Power diodes are not going to be a problem, they are a comparatively crude
device from the 50s.

------
marcus_holmes
Someone pointed out the differences between "ecological" and "economical"
thinking years ago, and I wish I could find the blog article again.

The basis was that "ecological" thinking assumes that things will stay the
same until they dramatically collapse, and that systems cannot adapt to
changes in circumstances.

While "economical" thinking assumes that there is a constant tension between
supply and demand, and that as something becomes rare its price goes up and
the system adapts to it.

This paper is classic "ecological" thinking. It assumes that there are no
other alternatives to the minerals used at the moment, and that therefore if
the supply of (e.g.) Cerium is disrupted then the supply of iPhones will be
disrupted.

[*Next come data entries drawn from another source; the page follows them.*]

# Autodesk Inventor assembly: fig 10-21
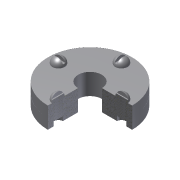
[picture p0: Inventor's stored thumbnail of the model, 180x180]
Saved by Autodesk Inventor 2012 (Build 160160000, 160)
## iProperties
Shininess: 64.0
Angle Display Precision: 2
Document Length Units: 11269
Document Angle Units: 11279
Document Time Units: 11290
Document Mass Units: 11283
Document Length Units Precision: 3
Document Angle Units Precision: 2
Created: 2002-02
Part Number: fig 10-21
Document SubType Name: Assembly
Designer: ***
Density: 0.0
Volumn: 0.0
Area: 0.0
PropertySet Name: Model Information
Control State: 0
Master: False
Checked Out: False
Author: ***
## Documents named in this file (3)
- C:\Users\CadCim\Documents\SAILESH\inventor-2011-fact-prt\c10-inv-2011-prt\c10_inv_2012_prt\fig 10-21.iam
- C:\Users\CadCim\Documents\SAILESH\inventor-2011-fact-prt\c10-inv-2011-prt\c10_inv_2012_prt\Screw.ipt
- C:\Users\CadCim\Documents\SAILESH\inventor-2011-fact-prt\c10-inv-2011-prt\c10_inv_2012_prt\test.ipt
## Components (6 placed, 2 different names)
1. test:1 — Insert:1, Insert:2
2. test:2 — Insert:1
3. Screw:1 — Angle:1, Insert:2
4. Screw:11
5. Screw:12
6. Screw:13
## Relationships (3: Insert 2, Angle 1)
- Insert:1: test:1 ↔ test:2
- Angle:1: Screw:1
- Insert:2: test:1 ↔ Screw:1

It doesn't allow for "Cerium was the best of three options we had,
because of reasons x and y, and price z", so if Cerium becomes a problem, then
the second best option will be used instead. Yes, the price will go up, but
that's an adaptation not a limit.

It also doesn't allow for alternative sources of the minerals. I know there
are deposits of rare earths in Australia, which aren't being mined at the
moment because it's not economical to do so. But if China starts messing with
their supply, it will become economical. This happens all the time (there's a
rash of new Lithium and Cobalt mines in Australia because of the tech
industry's need for them).

Likewise it assumes that because we currently have cheap fossil-fuel-derived
energy to mine with, that mining is not possible without abundant cheap
energy. If the price of energy goes up as the coal mines are shut down, then
the industry will adapt and find other, more energy-efficient solutions.

Just as "life finds a way", economic systems find a way. Yes, there will be
collapses and corrections, and on an individual level those can be disastrous,
but as a system it endures. High tech is going to last.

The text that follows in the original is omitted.